Не меньше споров разгорелось по поводу отношения к государству. Все народники соглашались: государство воплощает собою неравенство и принуждение, оттого-то и есть оно явление злое по изначальной сути своей: не ждите ни счастья, ни справедливости, ежели государство не исчезнет. Но какова же тогда немедленная цель революции? Ткачев недвусмысленно провозглашает: до тех пор, покуда капиталистический враг не истреблен подчистую, орудие принуждения — пистолет, вырванный революционером из капиталистической руки, — ни в коем случае не должно быть выброшено вон: оружие надлежит обратить против буржуа. Иными словами: ни в коем случае нельзя уничтожать государственную машину, следует использовать ее в борьбе с неизбежной контрреволюцией — без этой машины отнюдь не обойтись, пока последний противник не будет, по бессмертному выражению Прудона, «успешно ликвидирован», и, следовательно, у человечества не минует нужда в любых орудиях принуждения. Этой доктрины, следуя Ткачеву, придерживался Ленин — куда усерднее, чем того требовала простая приверженность двуликой марксистской формуле касаемо диктатуры пролетариата. Характерно: Лавров, представлявший «центристское» течение в народничестве, олицетворявший все его колебания и весь разброд, стоял не за немедленное и полное уничтожение государства, но за постепенное уменьшение его роли до той, которую он зыбко и смутно определил, как «минимальную». Чернышевский, народник, настроенный наименее анархически, смотрел на государство, как на создателя и защитника свободных рабочих и крестьянских объединений; он исхитрялся мыслить о государстве одновременно централизованном и децентрализованном, обеспечивающем и порядок, и всеобщее усердие, и равенство — и личную свободу в придачу.

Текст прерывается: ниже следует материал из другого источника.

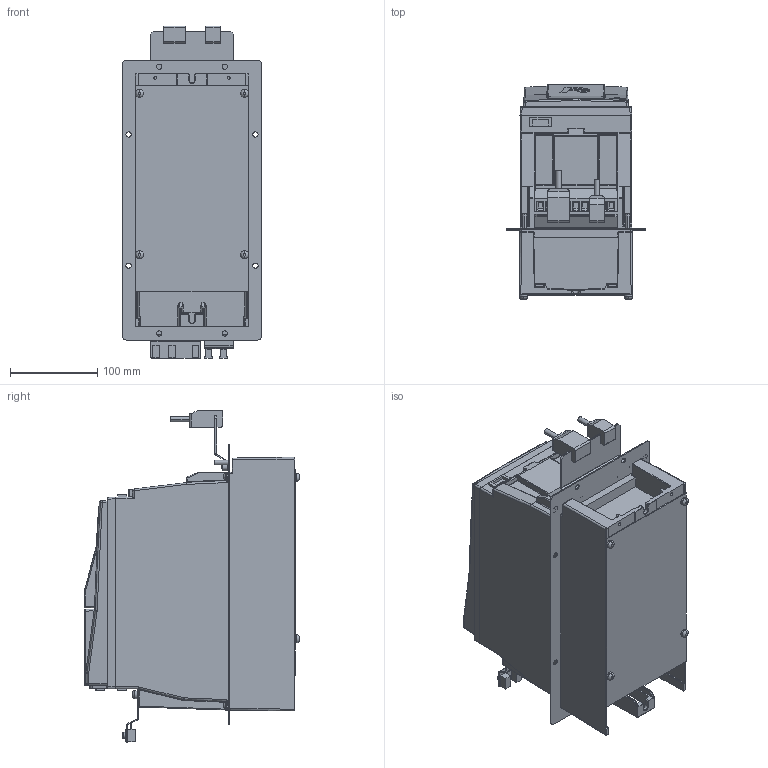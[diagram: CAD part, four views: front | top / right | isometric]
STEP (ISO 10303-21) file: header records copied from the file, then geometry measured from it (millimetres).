
FILE_DESCRIPTION (( 'STEP AP214' ), '1' );
FILE_NAME ('F6-2TR5-P0511.STEP', '2020-11-30T09:23:08', ( '' ), ( '' ), 'SwSTEP 2.0', 'SolidWorks 2019', '' );
FILE_SCHEMA (( 'AUTOMOTIVE_DESIGN' ));
Length unit declared in the file: millimetre
Products named in the file (1): F6-2TR5-P0511
Bounding box: 160 x 245.65 x 379.5 mm (x, y, z)
Volume: 7195627.1 mm3; surface area: 372392 mm2
Topology: 4 solids, 4 shells, 1542 faces, 3825 edges, 2304 vertices
Faces by surface type: plane 722, cylinder 448, bspline 229, torus 65, sphere 50, cone 28
Entity records: 53032 total; most frequent: CARTESIAN_POINT 18496, ORIENTED_EDGE 7522, DIRECTION 6618, EDGE_CURVE 3761, VERTEX_POINT 2304, AXIS2_PLACEMENT_3D 2225, VECTOR 2168, LINE 2168

Всех этих мыслителей объединяет одно убеждение — свойства самого общего и апокалипсического: едва лишь царство зла — самодержавие, эксплуатация, неравенство — пойдет прахом в огне революции, на пепелище естественно и самопроизвольно возрастет естественный, гармонический, справедливый порядок, требующий только мягкого руководства со стороны просвещенных революционеров, дабы достичь положенного совершенства. Эту великую утопическую мечту, основанную на простодушнейшей вере в возрождаемую человеческую природу, народники разделяли с Годвином и Бакуниным, с Марксом и Лениным. Ее стержень — извращенное, безбожное представление о грехе, смерти и последующем воскресении по дороге в некий земной рай, чьи врата распахнутся, лишь если человек отыщет единственно верный путь и двинется по нему. Этот взгляд коренится в давнейших религиозных понятиях, и неудивительно, что светская, мирская «религия» крепко напоминала учение русских староверов, коим, после великого раскола, грянувшего в семнадцатом веке, Государство Российское и его правители — особенно Петр Великий — мерещились юдольным царством сатаны; стало быть, из преследуемых, ушедших в подполье старообрядцев можно было вербовать немало союзников — чем народники и занимались весьма прилежно.
Среди народников имелись немалые различия: расходились во мнениях о грядущей роли интеллигенции сравнительно с ролью крестьянства, препирались касаемо исторической важности восходящего класса капиталистов; «постепенцы» спорили с заговорщиками, отстаивали преимущества просвещения и пропаганды сравнительно с терроризмом и подготовкой к немедленному бунту.
Все эти вопросы были взаимно связаны и требовали ответов немедленных. Наисильнейший разлад среди народников начался по поводу вопроса наиболее неотложного: осуществима ли по-настоящему демократическая революция прежде, нежели достаточное число угнетенных полностью осознает свое непереносимое положение — то есть будет вообще способно разуметь его причины и разбираться в них. «Умеренные» доказывали: никакую революцию по справедливости не назовешь демократической, коль скоро ею не руководит революционное большинство. Но в этом случае не оставалось выбора: надлежало выжидать, покуда просвещение и пропаганда породят упомянутое большинство — такую тактику защищали во второй половине девятнадцатого столетия почти все западные социалисты, и марксистского, и немарксистского толка.